Master 2012 2013
Stages de la spécialité SAR
Using replication for fault tolerance in High Performance Computing Systems


Site :Laboratoire de Systèmes Répartis
Lieu :Ecole Polytechnique Fédérale de Lausanne (Suisse)
Encadrant : Thomas Ropars (thomas.ropars@epfl.ch) André Schiper (Andre.Schiper@epfl.ch)
Dates :To be discussed
Rémunération :To be discussed
Mots-clés : Parcours SAR autre qu’ATIAM, recherche

Description

Exascale super-computers (100 times more powerful than today’s most powerful super-computer) are expected by the end of the decade. At such scale failure rate is expected to be very high. As a consequence, many efforts are invested in finding efficient fault tolerant solutions that would allow applications to correctly terminate.

Replication has long been considered as too expensive in the context of high performance computing (HPC). However, at very high failure rate, some studies show that replication could become more efficient than traditional checkpointing techniques used in existing HPC systems [1]. Moreover, replication can allow to detect and even correct silent data corruptions that could be caused by bit flips undetected by the hardware [2]. Consequently, replication is gaining more and more attention.

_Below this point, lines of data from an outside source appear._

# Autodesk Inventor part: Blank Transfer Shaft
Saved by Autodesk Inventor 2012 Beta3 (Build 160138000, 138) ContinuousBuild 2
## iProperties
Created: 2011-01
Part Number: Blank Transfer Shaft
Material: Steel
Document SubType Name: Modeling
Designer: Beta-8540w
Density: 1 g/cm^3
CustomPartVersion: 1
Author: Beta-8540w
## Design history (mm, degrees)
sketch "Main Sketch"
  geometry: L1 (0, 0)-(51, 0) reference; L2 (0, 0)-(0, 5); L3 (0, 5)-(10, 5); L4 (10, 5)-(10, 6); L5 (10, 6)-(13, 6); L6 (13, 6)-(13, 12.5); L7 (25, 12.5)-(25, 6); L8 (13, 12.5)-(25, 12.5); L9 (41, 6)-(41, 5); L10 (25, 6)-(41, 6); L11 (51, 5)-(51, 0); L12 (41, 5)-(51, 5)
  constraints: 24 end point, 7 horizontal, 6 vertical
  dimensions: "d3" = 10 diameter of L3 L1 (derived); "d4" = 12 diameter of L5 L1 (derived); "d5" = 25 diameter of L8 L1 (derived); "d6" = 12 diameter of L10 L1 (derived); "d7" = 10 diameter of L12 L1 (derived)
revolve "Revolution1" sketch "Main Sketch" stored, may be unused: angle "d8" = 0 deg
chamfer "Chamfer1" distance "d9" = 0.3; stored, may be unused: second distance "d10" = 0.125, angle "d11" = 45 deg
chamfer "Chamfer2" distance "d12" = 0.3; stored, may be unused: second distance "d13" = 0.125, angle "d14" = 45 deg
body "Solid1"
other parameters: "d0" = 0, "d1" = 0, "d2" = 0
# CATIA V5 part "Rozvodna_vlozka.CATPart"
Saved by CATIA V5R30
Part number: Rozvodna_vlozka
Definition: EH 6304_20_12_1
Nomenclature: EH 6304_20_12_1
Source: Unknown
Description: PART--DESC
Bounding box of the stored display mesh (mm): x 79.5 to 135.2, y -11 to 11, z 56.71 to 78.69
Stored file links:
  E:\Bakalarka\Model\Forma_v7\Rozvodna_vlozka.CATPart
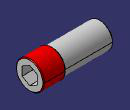
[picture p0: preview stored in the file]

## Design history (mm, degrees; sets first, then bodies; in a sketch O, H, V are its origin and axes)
Body1 "MANIFOLD_SOLID_BREP #3738" (main body)
  Solid1: solid without history
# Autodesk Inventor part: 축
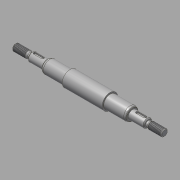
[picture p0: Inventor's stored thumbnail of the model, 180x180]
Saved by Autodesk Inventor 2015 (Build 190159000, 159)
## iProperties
Created: 2015-11
Part Number: 축
Material: 강철, 연강
Document SubType Name: Modeling
Designer: mduedu
Density: 1 g/cm^3
Appearance: 강철
Author: mduedu
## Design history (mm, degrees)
sketch "스케치1"
  geometry: L1 (-86, 0)-(86, 0); L2 (-86, 0)-(-86, 4); L3 (-86, 4)-(-70.732, 4); L4 (-70.732, 4)-(-69, 3); L5 (-69, 3)-(-67, 3); L6 (-67, 3)-(-67, 5); L7 (-67, 5)-(-49, 5); L8 (-49, 5)-(-49, 6.55); L9 (-47.355, 7.5)-(-23, 7.5); L10 (-23, 7.5)-(-23, 9); L11 (0, 0)-(0, 9); L12 (86, 4)-(70.732, 4); L13 (70.732, 4)-(69, 3); L14 (69, 3)-(67, 3); L15 (67, 3)-(67, 5); L16 (67, 5)-(49, 5); L17 (23, 7.5)-(23, 9); L18 (86, 0)-(86, 4); L19 (-23, 9)-(23, 9); L20 (-49, 6.55)-(-47.355, 7.5); L21 (47.355, 7.5)-(23, 7.5); L22 (49, 6.55)-(47.355, 7.5); L23 (49, 5)-(49, 6.55); 1 further point
  constraints: 46 end point, 10 symmetric about line, 6 perpendicular, 5 parallel, 2 midpoint, 1 coincident, 1 horizontal
  dimensions: "d0" = 172 distance of L1.start L1.end (derived); "d1" = 8 diameter of L3 L1; "d2" = 30 deg angle of L4 L5; "d3" = 6 diameter of L5 L1; "d4" = 10 diameter of L7 L1; "d5" = 15 diameter of L9 L1; "d6" = 18 diameter of L19 L1; "d8" = 18 distance of L6.end L7.end; "d9" = 46 distance of L10.end L17.end; "d10" = 2 distance of L4.end L5.end; "d11" = 17 distance from line of L4.end L2; "d16" = 13.1 diameter of L8.end L1; "d17" = 30 deg angle of L20 L9; "d18" = 26 distance between parallel lines of L10 L8
revolve "회전1" sketch "스케치1" stored, may be unused: angle "d12" = 90 deg
chamfer "모따기1" distance "d13" = 1; stored, may be unused: second distance "d14" = 2, angle "d15" = 45 deg
fillet "모깎기1" dims "d19" = 4, "d20" = 0.5
node "작업 평면1"
sketch "스케치2" dims "d23" = 12
  geometry: L1 (-5.5, 1.5)-(3.5, 1.5); L2 (3.5, 1.5)-(3.5, -1.5); L3 (3.5, -1.5)-(-5.5, -1.5); L4 (-5.5, -1.5)-(-5.5, 1.5); L5 (-9, -4)-(-9, 4) reference; 3 further points
  constraints: 8 end point, 2 midpoint, 2 parallel, 2 vertical alignment, 1 horizontal, 1 perpendicular, 4 other
  dimensions: "d21" = 3 distance between parallel lines of L3 L1; "d24" = 2 dimension on L5
extrude "돌출1" cut sketch "스케치2" distance "d25" = 1.8; taper "d26" = 0 deg
feature "스레드1" dims "d27" = 10, "d28" = 0
feature "스레드2" dims "d29" = 10, "d30" = 0
chamfer "모따기2" distance "d31" = 1; stored, may be unused: second distance "d32" = 2, angle "d33" = 45 deg
fillet "모깎기2" dims "d34" = 0.3
node "솔리드1"
mirror "대칭1"

Although replication has been extensively studied in the general context of distributed systems, it is not yet the case in the context of HPC. In this project, we propose to study replication for HPC application to try to understand how the specific characteristics of HPC applications can be used to improve replication performance. More precisely, the goal of this project would be to understand if all the parts of a HPC application have to be replicated to provide fault tolerance, or if some part of the computations can be executed by a single replica to improve performance. The project would include the implementation of a prototype to test and validate the proposed ideas. Evaluations with real HPC applications would be run of the Grid’5000 tested (www.grid5000.fr)

Bibliographie

[1] "Evaluating the viability of process replication reliability for exascale systems". Ferreira et al. Supercomputing 2011.

[2] "Detection and Correction of Silent Data Corruption for Large-Scale High-Performance Computing". Fiala et al. SuperComputing 2012.